Rabu, 19 Desember 2012

APKASI Dukung Penyaluran Aspirasi Daerah Melalui DPD RI


Asosiasi Pemerintah Kabupaten Seluruh Indonesia (APKASI) menyatakan Undang-Undang Nomor 27 Tahun 2009 tentang Majelis Permusyawaratan Rakyat, Dewan Perwakilan Rakyat, Dewan Perwakilan Daerah, dan Dewan Perwakilan Rakyat Daerah (UU MD3) dan Undang-Undang Nomor 12 Tahun 2011 tentang Pembentukan Peraturan Perundang-undangan (UU P3) telah mereduksi kewenangan Dewan Perwakilan Daerah Republik Indonesia (DPD RI). Sebab kedua UU tersebut tidak melibatkan DPD dalam pengajuan maupun persetujuan rancangan undang-undang. Terlebih lagi saat proses legislasi UU yang mengharuskan adanya peran DPD, antara lain RUU tentang Pemerintah Daerah, RUU tentang Pemilihan Kepala Daerah, RUU tentang Desa.

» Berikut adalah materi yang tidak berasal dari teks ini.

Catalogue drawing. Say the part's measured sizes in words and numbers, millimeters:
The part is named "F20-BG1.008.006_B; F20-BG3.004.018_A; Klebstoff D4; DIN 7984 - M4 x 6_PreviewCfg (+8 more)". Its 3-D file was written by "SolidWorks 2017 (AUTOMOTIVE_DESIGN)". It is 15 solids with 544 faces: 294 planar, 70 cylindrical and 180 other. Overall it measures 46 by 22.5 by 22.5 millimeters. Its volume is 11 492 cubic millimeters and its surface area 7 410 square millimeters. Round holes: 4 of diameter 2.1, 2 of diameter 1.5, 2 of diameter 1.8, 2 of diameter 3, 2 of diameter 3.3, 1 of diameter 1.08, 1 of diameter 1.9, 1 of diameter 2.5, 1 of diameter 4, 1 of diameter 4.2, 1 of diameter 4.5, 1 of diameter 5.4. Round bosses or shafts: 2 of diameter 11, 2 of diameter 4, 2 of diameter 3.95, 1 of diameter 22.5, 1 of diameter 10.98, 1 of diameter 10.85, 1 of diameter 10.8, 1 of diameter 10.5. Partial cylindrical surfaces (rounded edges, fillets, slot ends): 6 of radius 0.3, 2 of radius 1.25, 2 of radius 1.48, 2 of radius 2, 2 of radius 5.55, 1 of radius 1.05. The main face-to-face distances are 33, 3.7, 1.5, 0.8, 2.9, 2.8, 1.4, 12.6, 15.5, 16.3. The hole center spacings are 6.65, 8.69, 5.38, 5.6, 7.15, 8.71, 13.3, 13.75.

“Asosiasi Pemerintah Kabupaten Seluruh Indonesia terus memperjuangkan realisasi otonomi daerah seluas-luasnya secara utuh dan bertanggung jawab, sangat berkepentingan untuk menyalurkan aspirasi daerah melalui DPD RI dalam proses legislasi.”

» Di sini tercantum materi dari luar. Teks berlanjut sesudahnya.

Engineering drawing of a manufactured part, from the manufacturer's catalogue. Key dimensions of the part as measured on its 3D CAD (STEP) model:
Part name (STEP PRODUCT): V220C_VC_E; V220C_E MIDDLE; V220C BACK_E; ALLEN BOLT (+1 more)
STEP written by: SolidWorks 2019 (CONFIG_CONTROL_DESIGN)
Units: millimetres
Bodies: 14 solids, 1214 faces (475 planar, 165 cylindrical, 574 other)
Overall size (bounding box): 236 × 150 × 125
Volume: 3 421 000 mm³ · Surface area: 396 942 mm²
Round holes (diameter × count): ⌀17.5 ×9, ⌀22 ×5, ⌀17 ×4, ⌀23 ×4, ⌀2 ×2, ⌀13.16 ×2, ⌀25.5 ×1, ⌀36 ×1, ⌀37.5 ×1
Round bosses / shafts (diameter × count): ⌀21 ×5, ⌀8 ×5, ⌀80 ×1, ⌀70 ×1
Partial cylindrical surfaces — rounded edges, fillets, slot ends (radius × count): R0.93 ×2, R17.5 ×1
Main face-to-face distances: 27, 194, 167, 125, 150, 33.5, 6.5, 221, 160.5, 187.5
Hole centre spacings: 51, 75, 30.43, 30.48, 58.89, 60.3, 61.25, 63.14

Pernyataan disampaikan oleh Ketua Umum APKASI, Isran Noor saat didaulat menjadi saksi Pemohon dalam sidang uji materi UU MD3 dan UU P3 di persidangan Mahkamah Konstitusi (MK), Rabu (19/12/2012) siang. Sidang pleno perkara 92/PUU-X/2012 dan 104/PUU-X/2012 dilaksanakan oleh delapan hakim konstitusi, yaitu Moh. Mahfud MD (ketua pleno), Achmad Sodiki, Harjono, Hamdan Zoelva, Muhammad Alim, Maria Farida Indrati, Ahmad Fadlil Sumadi, dan Anwar Usman. Sidang beragendakan mendengar keterangan saksi/ahli.

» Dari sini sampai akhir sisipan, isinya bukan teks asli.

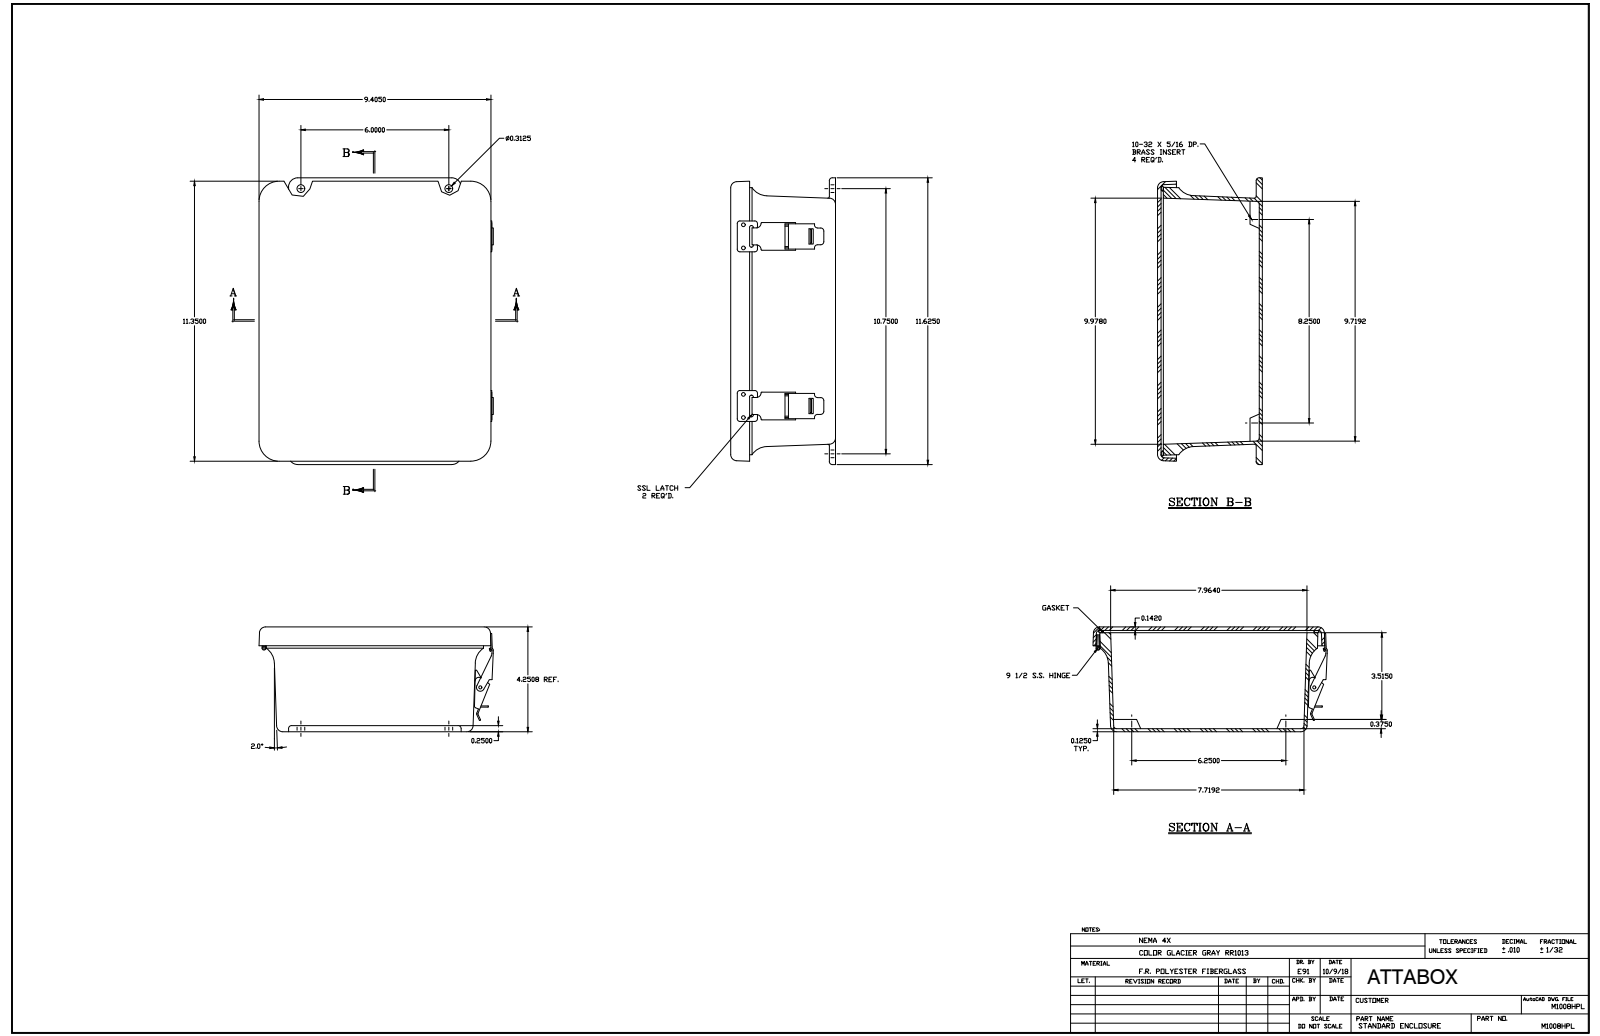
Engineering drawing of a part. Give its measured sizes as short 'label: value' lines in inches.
name: M1008HPL
written by: SolidWorks 2018 (AUTOMOTIVE_DESIGN)
unit: in
bodies: 38 solids, 939 faces (399 planar, 393 cylindrical, 147 other)
size: 11.625 × 9.533 × 4.234
volume: 61.27 in³; area: 837.7 in²
holes: 20× ⌀0.14, 8× ⌀0.104, 8× ⌀0.131, 5× ⌀0.152, 4× ⌀0.13, 4× ⌀0.156, 4× ⌀0.218, 2× ⌀0.135, 2× ⌀0.375, 1× ⌀0.085, 1× ⌀0.085
bosses: 12× ⌀0.125, 8× ⌀0.25, 4× ⌀0.27, 4× ⌀0.125, 1× ⌀0.3, 1× ⌀0.17, 1× ⌀0.155, 1× ⌀0.135
rounds: 20× R0.015, 20× R0.031, 20× R0.125, 16× R0.045, 12× R0.03, 8× R0.023, 8× R0.25, 6× R0.06
face distances: 0.142, 4.093, 4.235, 0.125, 3.968, 4.11, 0.12, 3.89, 4.015, 0.078
hole spacings: 7, 0.75, 7.04, 0.937, 6, 3, 0.25, 1.468
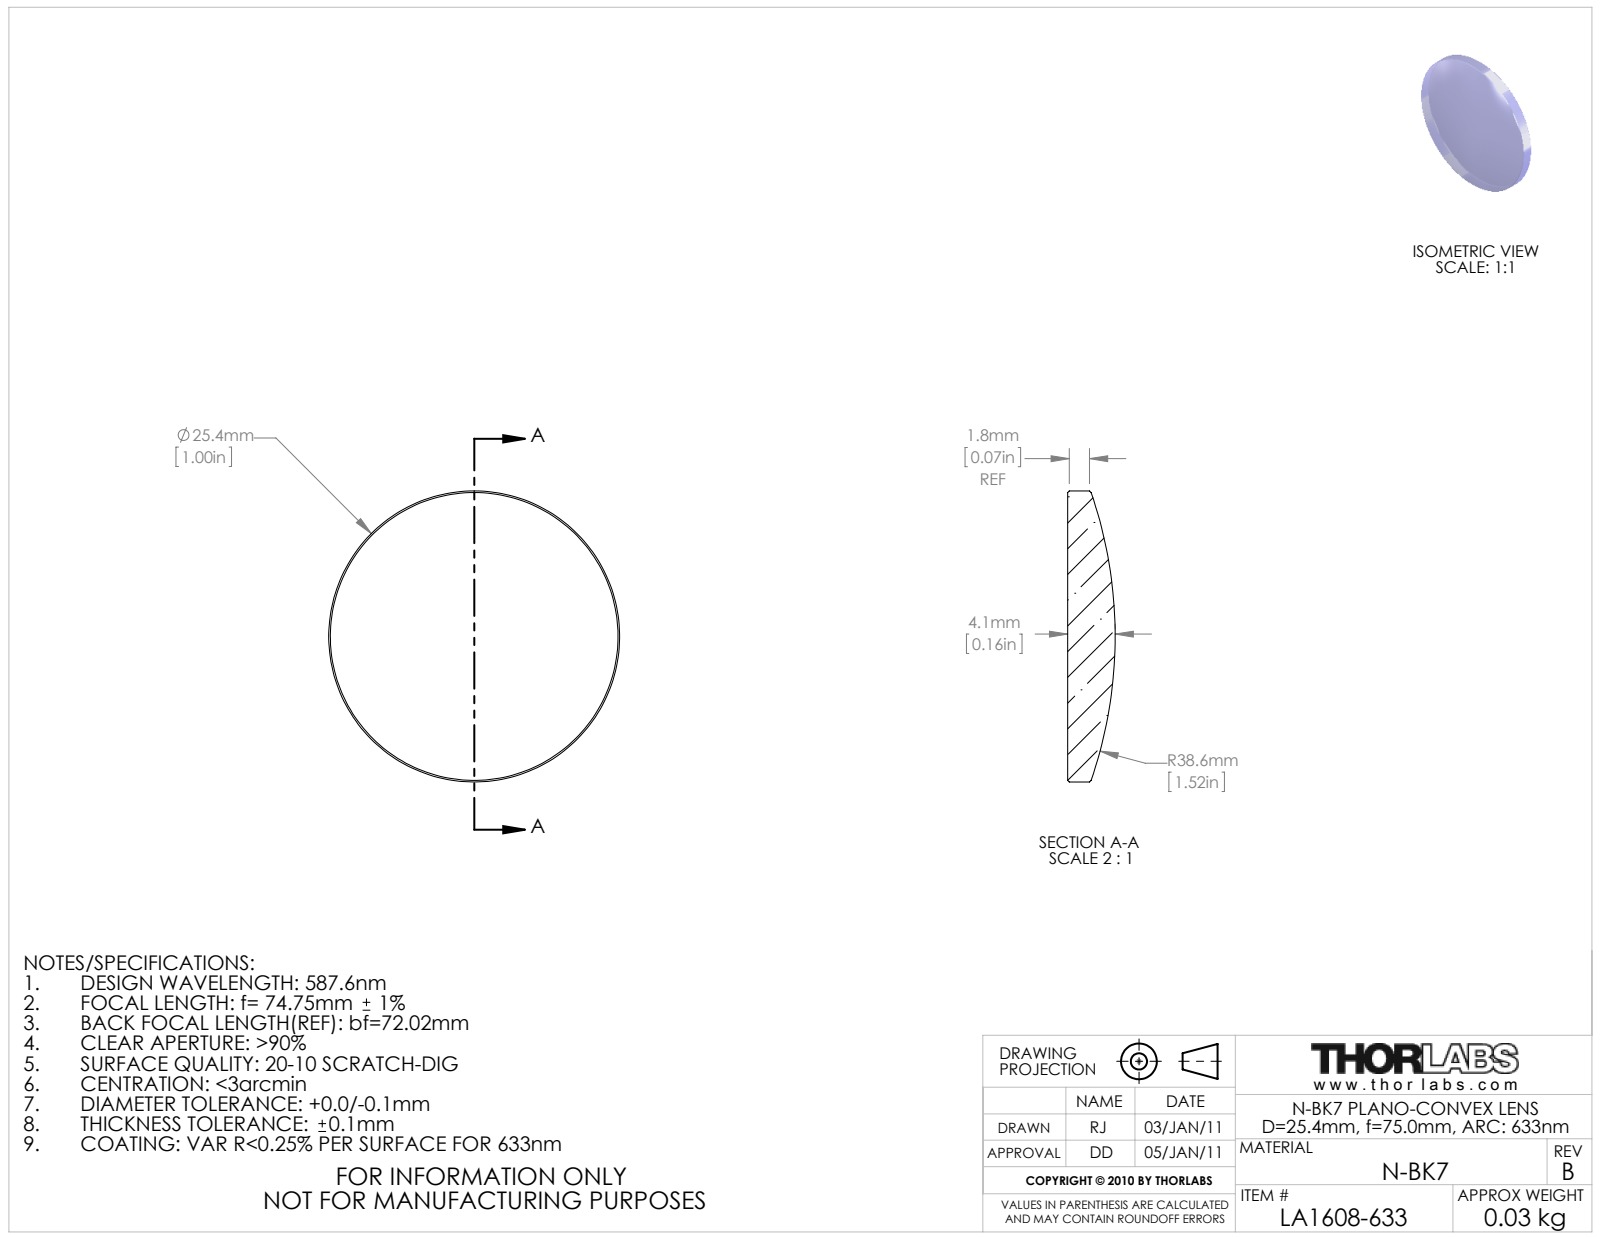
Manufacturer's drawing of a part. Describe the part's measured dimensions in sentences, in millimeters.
The part is named "21789-E0W". Its 3-D file was written by "SolidWorks 2011 (AUTOMOTIVE_DESIGN)". It is 0 solids with 9 faces: 1 planar, 2 cylindrical and 6 other. Overall it measures 25.4 by 25.4 by 4.14 millimeters. Round bosses or shafts: 1 of diameter 25.4.

Isran beralasan anggota DPD RI dipilih oleh rakyat dengan perolehan suara yang secara umum jauh di atas perolehan suara rata-rata anggota DPR RI. dengan begitu, anggota DPD memiliki dukungan dan legitimasi politik yang kuat di daerah masing-masing atau di provinsi yang diwakilinya. Sebagai bentuk tanggung jawab politik kepada konstituen, menurut Isran, DPD berkewajiban untuk memperjuangkan aspirasi daerah. “Undang-undang serta mekanisme dan prosedur yang menyangkut kewenangan legislasi DPD RI seperti sekarang ini, jelas menjadi kendala bagi perwujudan tanggung jawab terhadap konstituen tersebut di atas,” jelas Isran yang bersaksi untuk Pemohon perkara Nomor 104/PUU-X/2012. 

Sementara itu, DPD RI selaku Pemohon untuk perkara Nomor 92/PUU-X/2012, menghadirkan  3 orang ahli, yaitu Prof. Dr. Saldi Isra, Dr. Maruarar Siahaan, S.H., Prof. Maswadi Rauf. Saldi Isra menyatakan, Konstruksi hukum Pasal 22D UUD 1945 adalah fakta konstitusional yang tidak terbantahkan. Begitu pula hadirnya DPD sebagai salah satu kamar di lembaga perwakilan rakyat Indonesia, menjadi fakta yang tidak terbantahkan pula. Permasalahannya adalah bagaimana memberikan pemaknaan yang tepat atas kewenangan DPD, sehingga kehadirannya tidak menjadi sebuah lembaga yang berada pada posisi antara ada dan tiada. Setidaknya kehadiran DPD dapat dirasakan, terutama dalam fungsi legislasi sebagaimana termaktub dalam Pasal 22D ayat (1) dan ayat (2), yaitu peran signifikan dalam RUU yang berkaitan dengan otonomi daerah.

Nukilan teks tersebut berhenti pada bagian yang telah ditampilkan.